## Your objective
Repeat only the lines from the one holding "for s, p in" down to the last line of the listing below, including both of those lines.
--- Entries provided Enclosed Below ---
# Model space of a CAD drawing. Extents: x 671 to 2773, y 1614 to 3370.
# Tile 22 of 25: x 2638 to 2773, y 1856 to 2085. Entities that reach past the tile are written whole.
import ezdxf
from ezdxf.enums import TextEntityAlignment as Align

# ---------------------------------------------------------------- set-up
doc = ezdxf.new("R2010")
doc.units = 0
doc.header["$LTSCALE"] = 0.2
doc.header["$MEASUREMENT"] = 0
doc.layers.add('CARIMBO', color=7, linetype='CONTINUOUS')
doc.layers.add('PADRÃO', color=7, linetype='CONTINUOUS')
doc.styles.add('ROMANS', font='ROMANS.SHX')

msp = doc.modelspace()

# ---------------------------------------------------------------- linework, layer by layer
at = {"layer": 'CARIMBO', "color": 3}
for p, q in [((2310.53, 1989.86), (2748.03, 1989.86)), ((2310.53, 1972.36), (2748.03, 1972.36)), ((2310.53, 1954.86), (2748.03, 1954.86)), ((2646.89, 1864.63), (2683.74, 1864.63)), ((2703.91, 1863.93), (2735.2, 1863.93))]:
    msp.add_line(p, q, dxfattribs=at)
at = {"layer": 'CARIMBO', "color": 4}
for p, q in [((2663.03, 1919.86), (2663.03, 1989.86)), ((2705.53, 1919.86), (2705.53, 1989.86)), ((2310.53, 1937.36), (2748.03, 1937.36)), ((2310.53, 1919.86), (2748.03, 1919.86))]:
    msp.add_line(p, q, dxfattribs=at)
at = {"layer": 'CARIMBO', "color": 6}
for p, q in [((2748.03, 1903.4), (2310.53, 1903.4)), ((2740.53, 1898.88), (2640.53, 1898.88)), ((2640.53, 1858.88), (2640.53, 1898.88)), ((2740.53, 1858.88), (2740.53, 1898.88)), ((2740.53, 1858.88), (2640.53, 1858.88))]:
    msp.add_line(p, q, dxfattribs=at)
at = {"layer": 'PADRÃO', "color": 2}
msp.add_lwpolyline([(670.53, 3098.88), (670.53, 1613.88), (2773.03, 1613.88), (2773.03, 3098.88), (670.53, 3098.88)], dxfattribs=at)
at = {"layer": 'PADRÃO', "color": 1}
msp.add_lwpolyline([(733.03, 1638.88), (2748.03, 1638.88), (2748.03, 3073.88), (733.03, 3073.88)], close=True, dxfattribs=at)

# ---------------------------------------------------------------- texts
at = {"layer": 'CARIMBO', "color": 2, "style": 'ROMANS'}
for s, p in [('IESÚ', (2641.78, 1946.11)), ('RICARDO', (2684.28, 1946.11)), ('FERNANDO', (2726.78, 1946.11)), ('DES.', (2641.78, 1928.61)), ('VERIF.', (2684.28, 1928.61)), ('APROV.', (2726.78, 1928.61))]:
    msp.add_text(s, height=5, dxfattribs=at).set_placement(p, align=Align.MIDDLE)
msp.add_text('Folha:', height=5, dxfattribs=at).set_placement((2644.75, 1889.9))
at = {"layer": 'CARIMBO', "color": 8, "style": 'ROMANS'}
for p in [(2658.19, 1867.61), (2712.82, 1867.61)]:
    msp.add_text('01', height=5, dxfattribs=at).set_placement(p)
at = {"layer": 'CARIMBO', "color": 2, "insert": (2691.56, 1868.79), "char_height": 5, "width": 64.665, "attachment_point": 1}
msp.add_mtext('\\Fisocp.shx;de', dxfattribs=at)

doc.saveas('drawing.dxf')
--- End of Enclosed Entries provided ---
## Solution
for s, p in [('IESÚ', (2641.78, 1946.11)), ('RICARDO', (2684.28, 1946.11)), ('FERNANDO', (2726.78, 1946.11)), ('DES.', (2641.78, 1928.61)), ('VERIF.', (2684.28, 1928.61)), ('APROV.', (2726.78, 1928.61))]:
    msp.add_text(s, height=5, dxfattribs=at).set_placement(p, align=Align.MIDDLE)
msp.add_text('Folha:', height=5, dxfattribs=at).set_placement((2644.75, 1889.9))
at = {"layer": 'CARIMBO', "color": 8, "style": 'ROMANS'}
for p in [(2658.19, 1867.61), (2712.82, 1867.61)]:
    msp.add_text('01', height=5, dxfattribs=at).set_placement(p)
at = {"layer": 'CARIMBO', "color": 2, "insert": (2691.56, 1868.79), "char_height": 5, "width": 64.665, "attachment_point": 1}
msp.add_mtext('\\Fisocp.shx;de', dxfattribs=at)

doc.saveas('drawing.dxf')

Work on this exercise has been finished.